I"m sorry you are going through this.  I am 45 and when my Mother came to stay for 2 weeks last year after we relocated to other side of country it was like the rose coloured glasses were removed and I realised I could not tolerate or have her toxic and negative presence in my life.  She left and I went NC after googling "why do I hate my Mother?" and finding this fabulous site and realising how incredibly similar all our stories are.  I can not tell you the joyous xmas that has just passed with not having to deal with her sh*tty ways and drama and lies.  Initially i blocked her on my phone and knowing that when it rang I wouldn't see the dreaded word 'Mum' was joy in itself.

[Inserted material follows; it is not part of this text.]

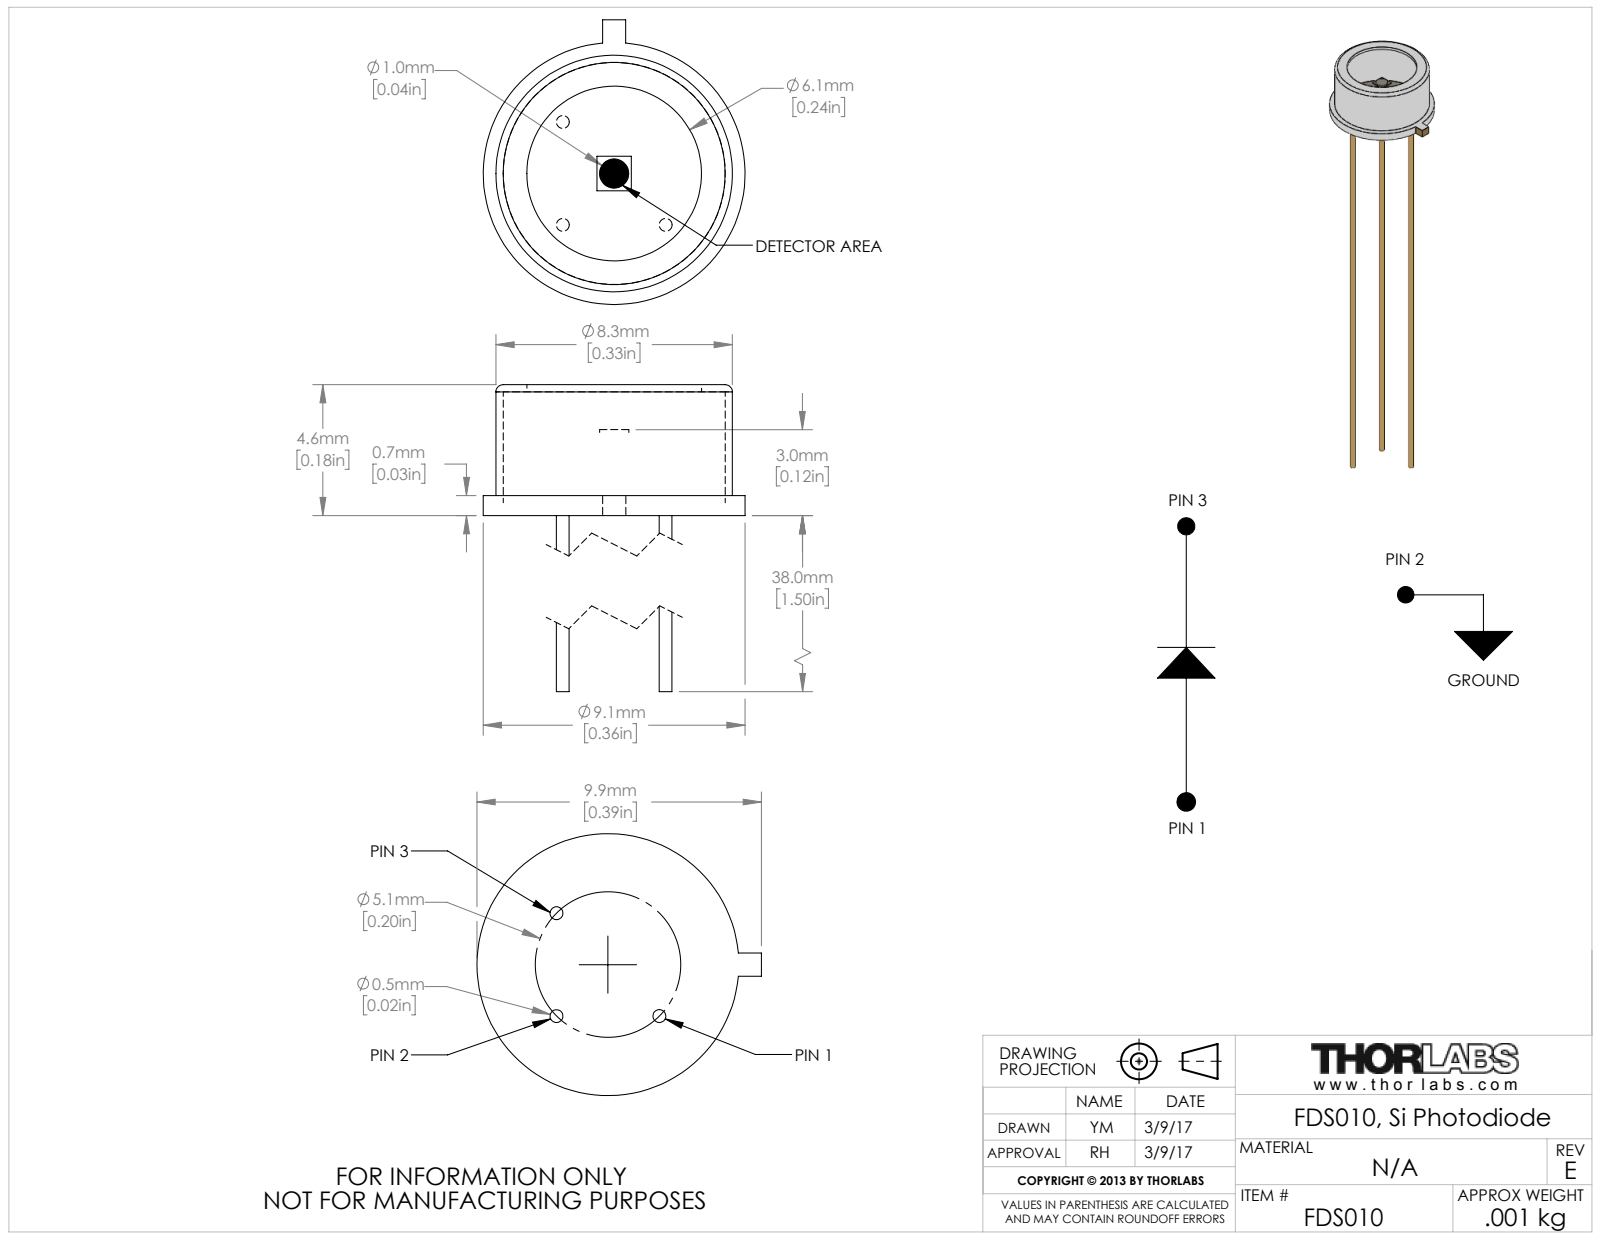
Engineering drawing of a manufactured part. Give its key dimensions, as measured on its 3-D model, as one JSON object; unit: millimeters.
{"part_name": "0636-E0W", "step_written_by": "SolidWorks 2016 (AUTOMOTIVE_DESIGN)", "units": "millimeters", "bodies": {"solids": 2, "faces": 37, "planar": 18, "cylindrical": 17, "other": 2}, "overall_size": [42.57, 9.94, 9.14], "volume_mm3": 82, "surface_area_mm2": 551, "round_holes": [[6.1, 1], [7.75, 1]], "round_bosses_or_shafts": [[0.45, 3], [9.14, 1], [8.26, 1], [1.02, 1]], "face_to_face_distances": [0.45, 3.87, 4.32, 4.57, 4.12, 0.7, 3.62, 2.85, 2.4, 2.15]}

I wrote her a letter (that I will never send) and every now and then I read it to remind myself why I am NC.  She sent a xmas packaged via registered mail and I sent it back as return to sender. 

I will never yell at my Mother as she is broken and will not be fixed in this lifetime.  But I respect myself and my children too much to let that drama back into our lives.  I feel much peace now.  I went through a grieving process when I realised I will never have a Mum who is in my corner and who gives unconditional love.  Her 'love' was always conditional and I understand why but I wont tolerate it any more.  I wish you the best with your journey and I'm positive through this site you will find the right way for you and your loved ones.